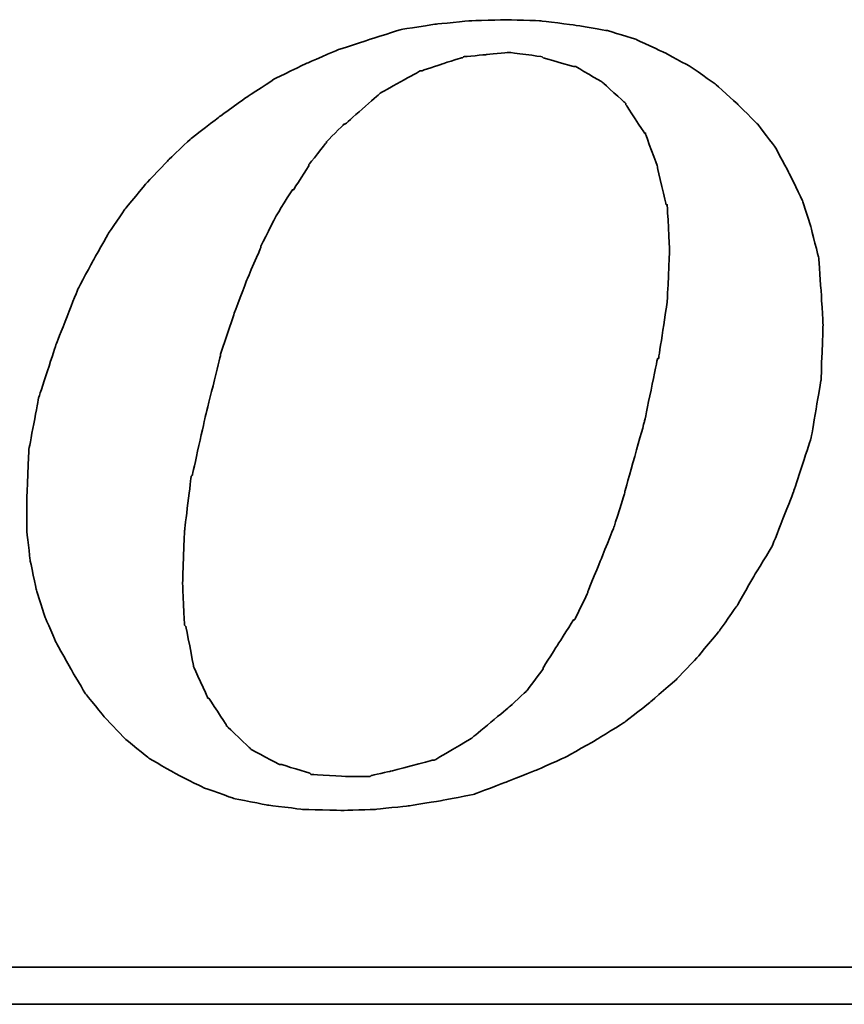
# Model space of a CAD drawing. Header units: millimetres. Extents: x 914 to 1153, y -9 to 64.
# Tile 49 of 55: x 1094.87 to 1096.5, y 11.62 to 13.57. Entities that reach past the tile are written whole.
import ezdxf

# ---------------------------------------------------------------- set-up
doc = ezdxf.new("R2010")
doc.units = ezdxf.units.MM
doc.header["$LTSCALE"] = 0.15
doc.layers.add('DIM', color=4, linetype='CONTINUOUS')
doc.layers.add('layer 1', color=7, linetype='CONTINUOUS')

# ---------------------------------------------------------------- blocks, each defined once
blk = doc.blocks.new('TBI MOTION logo(完整正式版)')
at = {"layer": 'layer 1', "color": 22, "lineweight": 35}
for points, knots in [([(35.79625, -6.98375), (35.79625, -6.98375), (36.23125, -7.43875), (36.23125, -7.43875), (36.23125, -7.43875), (36.23125, -7.43875), (36.75625, -7.87125), (36.75625, -7.87125), (36.75625, -7.87125), (36.75625, -7.87125), (37.33125, -8.20375), (37.33125, -8.20375), (37.33125, -8.20375), (37.33125, -8.20375), (37.95625, -8.51875), (37.95625, -8.51875), (37.95625, -8.51875), (37.95625, -8.51875), (38.62625, -8.75875), (38.62625, -8.75875), (38.62625, -8.75875), (38.62625, -8.75875), (39.37125, -8.90375), (39.37125, -8.90375), (39.37125, -8.90375), (39.37125, -8.90375), (40.14125, -8.99875), (40.14125, -8.99875), (40.14125, -8.99875), (40.14125, -8.99875), (41.02625, -9.02375), (41.02625, -9.02375), (41.02625, -9.02375), (41.02625, -9.02375), (41.74625, -8.99875), (41.74625, -8.99875), (41.74625, -8.99875), (41.74625, -8.99875), (42.46625, -8.92375), (42.46625, -8.92375), (42.46625, -8.92375), (42.46625, -8.92375), (43.21125, -8.80625), (43.21125, -8.80625), (43.21125, -8.80625), (43.21125, -8.80625), (43.93125, -8.66375), (43.93125, -8.66375), (43.93125, -8.66375), (43.93125, -8.66375), (44.62625, -8.39875), (44.62625, -8.39875), (44.62625, -8.39875), (44.62625, -8.39875), (45.29625, -8.13375), (45.29625, -8.13375), (45.29625, -8.13375), (45.29625, -8.13375), (45.94625, -7.84375), (45.94625, -7.84375), (45.94625, -7.84375), (45.94625, -7.84375), (46.61625, -7.46375), (46.61625, -7.46375), (46.61625, -7.46375), (46.61625, -7.46375), (47.24125, -7.07875), (47.24125, -7.07875), (47.24125, -7.07875), (47.24125, -7.07875), (47.81625, -6.62375), (47.81625, -6.62375), (47.81625, -6.62375), (47.81625, -6.62375), (48.36875, -6.14375), (48.36875, -6.14375), (48.36875, -6.14375), (48.36875, -6.14375), (48.84625, -5.64125), (48.84625, -5.64125), (48.84625, -5.64125), (48.84625, -5.64125), (49.32625, -5.06375), (49.32625, -5.06375), (49.32625, -5.06375), (49.32625, -5.06375), (49.71125, -4.51374), (49.71125, -4.51374), (49.71125, -4.51374), (49.71125, -4.51374), (50.09625, -3.83874), (50.09625, -3.83874), (50.09625, -3.83874), (50.09625, -3.83874), (50.48125, -3.21374), (50.48125, -3.21374), (50.48125, -3.21374), (50.48125, -3.21374), (50.96125, -1.99125), (50.96125, -1.99125), (50.96125, -1.99125), (50.96125, -1.99125), (51.34375, -0.81875), (51.34375, -0.81875), (51.34375, -0.81875), (51.34375, -0.81875), (51.56125, 0.45624), (51.56125, 0.45624), (51.56125, 0.45624), (51.56125, 0.45624), (51.60625, 1.67624), (51.60625, 1.67624), (51.60625, 1.67624), (51.60625, 1.67624), (51.56125, 2.44625), (51.56125, 2.44625), (51.56125, 2.44625), (51.56125, 2.44625), (51.51125, 3.14125), (51.51125, 3.14125), (51.51125, 3.14125), (51.51125, 3.14125), (51.34375, 3.81125), (51.34375, 3.81125), (51.34375, 3.81125), (51.34375, 3.81125), (51.15125, 4.41125), (51.15125, 4.41125), (51.15125, 4.41125), (51.15125, 4.41125), (50.86125, 5.01125), (50.86125, 5.01125), (50.86125, 5.01125), (50.86125, 5.01125), (50.55125, 5.58875), (50.55125, 5.58875), (50.55125, 5.58875), (50.55125, 5.58875), (50.16625, 6.09125), (50.16625, 6.09125), (50.16625, 6.09125), (50.16625, 6.09125), (49.71125, 6.54875), (49.71125, 6.54875), (49.71125, 6.54875), (49.71125, 6.54875), (49.23125, 6.98125), (49.23125, 6.98125), (49.23125, 6.98125), (49.23125, 6.98125), (48.67875, 7.36625), (48.67875, 7.36625), (48.67875, 7.36625), (48.67875, 7.36625), (48.10375, 7.67625), (48.10375, 7.67625), (48.10375, 7.67625), (48.10375, 7.67625), (47.48125, 7.96375), (47.48125, 7.96375), (47.48125, 7.96375), (47.48125, 7.96375), (46.85625, 8.15625), (46.85625, 8.15625), (46.85625, 8.15625), (46.85625, 8.15625), (46.13625, 8.27624), (46.13625, 8.27624), (46.13625, 8.27624), (46.13625, 8.27624), (45.39125, 8.37125), (45.39125, 8.37125), (45.39125, 8.37125), (45.39125, 8.37125), (44.62625, 8.39624), (44.62625, 8.39624), (44.62625, 8.39624), (44.62625, 8.39624), (43.83625, 8.37125), (43.83625, 8.37125), (43.83625, 8.37125), (43.83625, 8.37125), (43.09125, 8.30125), (43.09125, 8.30125), (43.09125, 8.30125), (43.09125, 8.30125), (42.32125, 8.18125), (42.32125, 8.18125), (42.32125, 8.18125), (42.32125, 8.18125), (41.62875, 7.96375), (41.62875, 7.96375), (41.62875, 7.96375), (41.62875, 7.96375), (40.90625, 7.72625), (40.90625, 7.72625), (40.90625, 7.72625), (40.90625, 7.72625), (40.23624, 7.43625), (40.23624, 7.43625), (40.23624, 7.43625), (40.23624, 7.43625), (39.54124, 7.10125), (39.54124, 7.10125), (39.54124, 7.10125), (39.54124, 7.10125), (38.91625, 6.69125), (38.91625, 6.69125), (38.91625, 6.69125), (38.91625, 6.69125), (38.31625, 6.26125), (38.31625, 6.26125), (38.31625, 6.26125), (38.31625, 6.26125), (37.69125, 5.78125), (37.69125, 5.78125), (37.69125, 5.78125), (37.69125, 5.78125), (37.18625, 5.30125), (37.18625, 5.30125), (37.18625, 5.30125), (37.18625, 5.30125), (36.70625, 4.79624), (36.70625, 4.79624), (36.70625, 4.79624), (36.70625, 4.79624), (36.23125, 4.22125), (36.23125, 4.22125), (36.23125, 4.22125), (36.23125, 4.22125), (35.87124, 3.69375), (35.87124, 3.69375), (35.87124, 3.69375), (35.87124, 3.69375), (35.53125, 3.09125), (35.53125, 3.09125), (35.53125, 3.09125), (35.53125, 3.09125), (35.19875, 2.47125), (35.19875, 2.47125), (35.19875, 2.47125), (35.19875, 2.47125), (34.71625, 1.24625), (34.71625, 1.24625), (34.71625, 1.24625), (34.71625, 1.24625), (34.33125, 0.06874), (34.33125, 0.06874), (34.33125, 0.06874), (34.33125, 0.06874), (34.11625, -1.07875), (34.11625, -1.07875), (34.11625, -1.07875), (34.11625, -1.07875), (34.07125, -2.15875), (34.07125, -2.15875), (34.07125, -2.15875), (34.07125, -2.15875), (34.07125, -2.85375), (34.07125, -2.85375), (34.07125, -2.85375), (34.07125, -2.85375), (34.14125, -3.50375), (34.14125, -3.50375), (34.14125, -3.50375), (34.14125, -3.50375), (34.28625, -4.17375), (34.28625, -4.17375), (34.28625, -4.17375), (34.28625, -4.17375), (34.47625, -4.77624), (34.47625, -4.77624), (34.47625, -4.77624), (34.47625, -4.77624), (34.71625, -5.32625), (34.71625, -5.32625), (34.71625, -5.32625), (34.71625, -5.32625), (35.05375, -5.92875), (35.05375, -5.92875), (35.05375, -5.92875), (35.05375, -5.92875), (35.36375, -6.45375), (35.36375, -6.45375), (35.36375, -6.45375), (35.36375, -6.45375), (35.79625, -6.98375), (35.79625, -6.98375)], [0, 0, 0, 0, 0.01388889, 0.01388889, 0.01388889, 0.0138889, 0.02777778, 0.02777778, 0.02777778, 0.02777779, 0.04166667, 0.04166667, 0.04166667, 0.04166668, 0.05555556, 0.05555556, 0.05555556, 0.05555557, 0.06944444, 0.06944444, 0.06944444, 0.06944445, 0.08333333, 0.08333333, 0.08333333, 0.08333334, 0.09722222, 0.09722222, 0.09722222, 0.09722223, 0.11111111, 0.11111111, 0.11111111, 0.11111112, 0.125, 0.125, 0.125, 0.12500001, 0.13888889, 0.13888889, 0.13888889, 0.1388889, 0.15277778, 0.15277778, 0.15277778, 0.15277779, 0.16666667, 0.16666667, 0.16666667, 0.16666668, 0.18055556, 0.18055556, 0.18055556, 0.18055557, 0.19444444, 0.19444444, 0.19444444, 0.19444445, 0.20833333, 0.20833333, 0.20833333, 0.20833334, 0.22222222, 0.22222222, 0.22222222, 0.22222223, 0.23611111, 0.23611111, 0.23611111, 0.23611112, 0.25, 0.25, 0.25, 0.25000001, 0.26388889, 0.26388889, 0.26388889, 0.2638889, 0.27777778, 0.27777778, 0.27777778, 0.27777779, 0.29166667, 0.29166667, 0.29166667, 0.29166668, 0.30555556, 0.30555556, 0.30555556, 0.30555557, 0.31944444, 0.31944444, 0.31944444, 0.31944445, 0.33333333, 0.33333333, 0.33333333, 0.33333334, 0.34722222, 0.34722222, 0.34722222, 0.34722223, 0.36111111, 0.36111111, 0.36111111, 0.36111112, 0.375, 0.375, 0.375, 0.37500001, 0.38888889, 0.38888889, 0.38888889, 0.3888889, 0.40277778, 0.40277778, 0.40277778, 0.40277779, 0.41666667, 0.41666667, 0.41666667, 0.41666668, 0.43055556, 0.43055556, 0.43055556, 0.43055557, 0.44444444, 0.44444444, 0.44444444, 0.44444445, 0.45833333, 0.45833333, 0.45833333, 0.45833334, 0.47222222, 0.47222222, 0.47222222, 0.47222223, 0.48611111, 0.48611111, 0.48611111, 0.48611112, 0.5, 0.5, 0.5, 0.50000001, 0.51388889, 0.51388889, 0.51388889, 0.5138889, 0.52777778, 0.52777778, 0.52777778, 0.52777779, 0.54166667, 0.54166667, 0.54166667, 0.54166668, 0.55555556, 0.55555556, 0.55555556, 0.55555557, 0.56944444, 0.56944444, 0.56944444, 0.56944445, 0.58333333, 0.58333333, 0.58333333, 0.58333334, 0.59722222, 0.59722222, 0.59722222, 0.59722223, 0.61111111, 0.61111111, 0.61111111, 0.61111112, 0.625, 0.625, 0.625, 0.62500001, 0.63888889, 0.63888889, 0.63888889, 0.6388889, 0.65277778, 0.65277778, 0.65277778, 0.65277779, 0.66666667, 0.66666667, 0.66666667, 0.66666668, 0.68055556, 0.68055556, 0.68055556, 0.68055557, 0.69444444, 0.69444444, 0.69444444, 0.69444445, 0.70833333, 0.70833333, 0.70833333, 0.70833334, 0.72222222, 0.72222222, 0.72222222, 0.72222223, 0.73611111, 0.73611111, 0.73611111, 0.73611112, 0.75, 0.75, 0.75, 0.75000001, 0.76388889, 0.76388889, 0.76388889, 0.7638889, 0.77777778, 0.77777778, 0.77777778, 0.77777779, 0.79166667, 0.79166667, 0.79166667, 0.79166668, 0.80555556, 0.80555556, 0.80555556, 0.80555557, 0.81944444, 0.81944444, 0.81944444, 0.81944445, 0.83333333, 0.83333333, 0.83333333, 0.83333334, 0.84722222, 0.84722222, 0.84722222, 0.84722223, 0.86111111, 0.86111111, 0.86111111, 0.86111112, 0.875, 0.875, 0.875, 0.87500001, 0.88888889, 0.88888889, 0.88888889, 0.8888889, 0.90277778, 0.90277778, 0.90277778, 0.90277779, 0.91666667, 0.91666667, 0.91666667, 0.91666668, 0.93055556, 0.93055556, 0.93055556, 0.93055557, 0.94444444, 0.94444444, 0.94444444, 0.94444445, 0.95833333, 0.95833333, 0.95833333, 0.95833334, 0.97222222, 0.97222222, 0.97222222, 0.97222223, 0.98611111, 0.98611111, 0.98611111, 0.98611112, 1, 1, 1, 1]), ([(38.33875, 1.03124), (38.33875, 1.03124), (38.62625, 1.89625), (38.62625, 1.89625), (38.62625, 1.89625), (38.62625, 1.89625), (38.91625, 2.66375), (38.91625, 2.66375), (38.91625, 2.66375), (38.91625, 2.66375), (39.22625, 3.38125), (39.22625, 3.38125), (39.22625, 3.38125), (39.22625, 3.38125), (39.22625, 3.40624), (39.22625, 3.40624), (39.22625, 3.40624), (39.22625, 3.40624), (39.56124, 4.07624), (39.56124, 4.07624), (39.56124, 4.07624), (39.56124, 4.07624), (39.92125, 4.65125), (39.92125, 4.65125), (39.92125, 4.65125), (39.92125, 4.65125), (39.94625, 4.65125), (39.94625, 4.65125), (39.94625, 4.65125), (39.94625, 4.65125), (40.28125, 5.17875), (40.28125, 5.17875), (40.28125, 5.17875), (40.28125, 5.17875), (40.28125, 5.20375), (40.28125, 5.20375), (40.28125, 5.20375), (40.28125, 5.20375), (40.66875, 5.68625), (40.66875, 5.68625), (40.66875, 5.68625), (40.66875, 5.68625), (40.66875, 5.70625), (40.66875, 5.70625), (40.66875, 5.70625), (40.66875, 5.70625), (41.05124, 6.09125), (41.05124, 6.09125), (41.05124, 6.09125), (41.05124, 6.09125), (41.07625, 6.09125), (41.07625, 6.09125), (41.07625, 6.09125), (41.07625, 6.09125), (41.84125, 6.76625), (41.84125, 6.76625), (41.84125, 6.76625), (41.84125, 6.76625), (41.86625, 6.78625), (41.86625, 6.78625), (41.86625, 6.78625), (41.86625, 6.78625), (42.73125, 7.26624), (42.73125, 7.26624), (42.73125, 7.26624), (42.73125, 7.26624), (42.75625, 7.26624), (42.75625, 7.26624), (42.75625, 7.26624), (42.75625, 7.26624), (43.18625, 7.41125), (43.18625, 7.41125), (43.18625, 7.41125), (43.18625, 7.41125), (43.64125, 7.55625), (43.64125, 7.55625), (43.64125, 7.55625), (43.64125, 7.55625), (43.66625, 7.55625), (43.66625, 7.55625), (43.66625, 7.55625), (43.66625, 7.55625), (43.69125, 7.58124), (43.69125, 7.58124), (43.69125, 7.58124), (43.69125, 7.58124), (44.19125, 7.62625), (44.19125, 7.62625), (44.19125, 7.62625), (44.19125, 7.62625), (44.67125, 7.67625), (44.67125, 7.67625), (44.67125, 7.67625), (44.67125, 7.67625), (44.69625, 7.67625), (44.69625, 7.67625), (44.69625, 7.67625), (44.69625, 7.67625), (45.41875, 7.58124), (45.41875, 7.58124), (45.41875, 7.58124), (45.41875, 7.58124), (45.44125, 7.55625), (45.44125, 7.55625), (45.44125, 7.55625), (45.44125, 7.55625), (46.11125, 7.36625), (46.11125, 7.36625), (46.11125, 7.36625), (46.11125, 7.36625), (46.13625, 7.36625), (46.13625, 7.36625), (46.13625, 7.36625), (46.13625, 7.36625), (46.15875, 7.36625), (46.15875, 7.36625), (46.15875, 7.36625), (46.15875, 7.36625), (46.73625, 7.02624), (46.73625, 7.02624), (46.73625, 7.02624), (46.73625, 7.02624), (46.76125, 7.00624), (46.76125, 7.00624), (46.76125, 7.00624), (46.76125, 7.00624), (47.24125, 6.57124), (47.24125, 6.57124), (47.24125, 6.57124), (47.24125, 6.57124), (47.26625, 6.54875), (47.26625, 6.54875), (47.26625, 6.54875), (47.26625, 6.54875), (47.26625, 6.52375), (47.26625, 6.52375), (47.26625, 6.52375), (47.26625, 6.52375), (47.67375, 5.89875), (47.67375, 5.89875), (47.67375, 5.89875), (47.67375, 5.89875), (47.69625, 5.89875), (47.69625, 5.89875), (47.69625, 5.89875), (47.69625, 5.89875), (47.69625, 5.87625), (47.69625, 5.87625), (47.69625, 5.87625), (47.69625, 5.87625), (47.96125, 5.15625), (47.96125, 5.15625), (47.96125, 5.15625), (47.96125, 5.15625), (47.96125, 5.13125), (47.96125, 5.13125), (47.96125, 5.13125), (47.96125, 5.13125), (48.15125, 4.31875), (48.15125, 4.31875), (48.15125, 4.31875), (48.15125, 4.31875), (48.17625, 4.31875), (48.17625, 4.31875), (48.17625, 4.31875), (48.17625, 4.31875), (48.17625, 4.29125), (48.17625, 4.29125), (48.17625, 4.29125), (48.17625, 4.29125), (48.22625, 3.33125), (48.22625, 3.33125), (48.22625, 3.33125), (48.22625, 3.33125), (48.22625, 3.30875), (48.22625, 3.30875), (48.22625, 3.30875), (48.22625, 3.30875), (48.17625, 2.20624), (48.17625, 2.20624), (48.17625, 2.20624), (48.17625, 2.20624), (48.17625, 2.18124), (48.17625, 2.18124), (48.17625, 2.18124), (48.17625, 2.18124), (47.98375, 0.93624), (47.98375, 0.93624), (47.98375, 0.93624), (47.98375, 0.93624), (47.96125, 0.93624), (47.96125, 0.93624), (47.96125, 0.93624), (47.96125, 0.93624), (47.67375, -0.45874), (47.67375, -0.45874), (47.67375, -0.45874), (47.67375, -0.45874), (47.24125, -1.99125), (47.24125, -1.99125), (47.24125, -1.99125), (47.24125, -1.99125), (47.24125, -2.01874), (47.24125, -2.01874), (47.24125, -2.01874), (47.24125, -2.01874), (47.00125, -2.78375), (47.00125, -2.78375), (47.00125, -2.78375), (47.00125, -2.78375), (46.71125, -3.50375), (46.71125, -3.50375), (46.71125, -3.50375), (46.71125, -3.50375), (46.42625, -4.19875), (46.42625, -4.19875), (46.42625, -4.19875), (46.42625, -4.19875), (46.42625, -4.22375), (46.42625, -4.22375), (46.42625, -4.22375), (46.42625, -4.22375), (46.13625, -4.82374), (46.13625, -4.82374), (46.13625, -4.82374), (46.13625, -4.82374), (46.11125, -4.82374), (46.11125, -4.82374), (46.11125, -4.82374), (46.11125, -4.82374), (45.77625, -5.35125), (45.77625, -5.35125), (45.77625, -5.35125), (45.77625, -5.35125), (45.44125, -5.87875), (45.44125, -5.87875), (45.44125, -5.87875), (45.44125, -5.87875), (45.44125, -5.90375), (45.44125, -5.90375), (45.44125, -5.90375), (45.44125, -5.90375), (45.10625, -6.35875), (45.10625, -6.35875), (45.10625, -6.35875), (45.10625, -6.35875), (45.08125, -6.38375), (45.08125, -6.38375), (45.08125, -6.38375), (45.08125, -6.38375), (44.69625, -6.74375), (44.69625, -6.74375), (44.69625, -6.74375), (44.69625, -6.74375), (43.88375, -7.41625), (43.88375, -7.41625), (43.88375, -7.41625), (43.88375, -7.41625), (43.85625, -7.43875), (43.85625, -7.43875), (43.85625, -7.43875), (43.85625, -7.43875), (43.04125, -7.91875), (43.04125, -7.91875), (43.04125, -7.91875), (43.04125, -7.91875), (43.01625, -7.91875), (43.01625, -7.91875), (43.01625, -7.91875), (43.01625, -7.91875), (42.99625, -7.91875), (42.99625, -7.91875), (42.99625, -7.91875), (42.99625, -7.91875), (42.08125, -8.15875), (42.08125, -8.15875), (42.08125, -8.15875), (42.08125, -8.15875), (41.65125, -8.25625), (41.65125, -8.25625), (41.65125, -8.25625), (41.65125, -8.25625), (41.62875, -8.27875), (41.62875, -8.27875), (41.62875, -8.27875), (41.62875, -8.27875), (41.60125, -8.27875), (41.60125, -8.27875), (41.60125, -8.27875), (41.60125, -8.27875), (41.12125, -8.27875), (41.12125, -8.27875), (41.12125, -8.27875), (41.12125, -8.27875), (40.35624, -8.23125), (40.35624, -8.23125), (40.35624, -8.23125), (40.35624, -8.23125), (40.33125, -8.23125), (40.33125, -8.23125), (40.33125, -8.23125), (40.33125, -8.23125), (40.30625, -8.20375), (40.30625, -8.20375), (40.30625, -8.20375), (40.30625, -8.20375), (39.68375, -8.01375), (39.68375, -8.01375), (39.68375, -8.01375), (39.68375, -8.01375), (39.66124, -8.01375), (39.66124, -8.01375), (39.66124, -8.01375), (39.66124, -8.01375), (39.63625, -8.01375), (39.63625, -8.01375), (39.63625, -8.01375), (39.63625, -8.01375), (39.01125, -7.67875), (39.01125, -7.67875), (39.01125, -7.67875), (39.01125, -7.67875), (38.98875, -7.65375), (38.98875, -7.65375), (38.98875, -7.65375), (38.98875, -7.65375), (38.48625, -7.17375), (38.48625, -7.17375), (38.48625, -7.17375), (38.48625, -7.17375), (38.45875, -7.14875), (38.45875, -7.14875), (38.45875, -7.14875), (38.45875, -7.14875), (38.45875, -7.12875), (38.45875, -7.12875), (38.45875, -7.12875), (38.45875, -7.12875), (38.07625, -6.54875), (38.07625, -6.54875), (38.07625, -6.54875), (38.07625, -6.54875), (38.05125, -6.54875), (38.05125, -6.54875), (38.05125, -6.54875), (38.05125, -6.54875), (38.05125, -6.52875), (38.05125, -6.52875), (38.05125, -6.52875), (38.05125, -6.52875), (37.74125, -5.85375), (37.74125, -5.85375), (37.74125, -5.85375), (37.74125, -5.85375), (37.74125, -5.82875), (37.74125, -5.82875), (37.74125, -5.82875), (37.74125, -5.82875), (37.57375, -4.96875), (37.57375, -4.96875), (37.57375, -4.96875), (37.57375, -4.96875), (37.54625, -4.94375), (37.54625, -4.94375), (37.54625, -4.94375), (37.54625, -4.94375), (37.50125, -4.03375), (37.50125, -4.03375), (37.50125, -4.03375), (37.50125, -4.03375), (37.50125, -4.00875), (37.50125, -4.00875), (37.50125, -4.00875), (37.50125, -4.00875), (37.54625, -2.85375), (37.54625, -2.85375), (37.54625, -2.85375), (37.54625, -2.85375), (37.69125, -1.65875), (37.69125, -1.65875), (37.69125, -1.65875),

----

■ Required work: In the entries above, how many lines contain the word "ezdxf"? Answer with the number only.

■ Exercise result: 3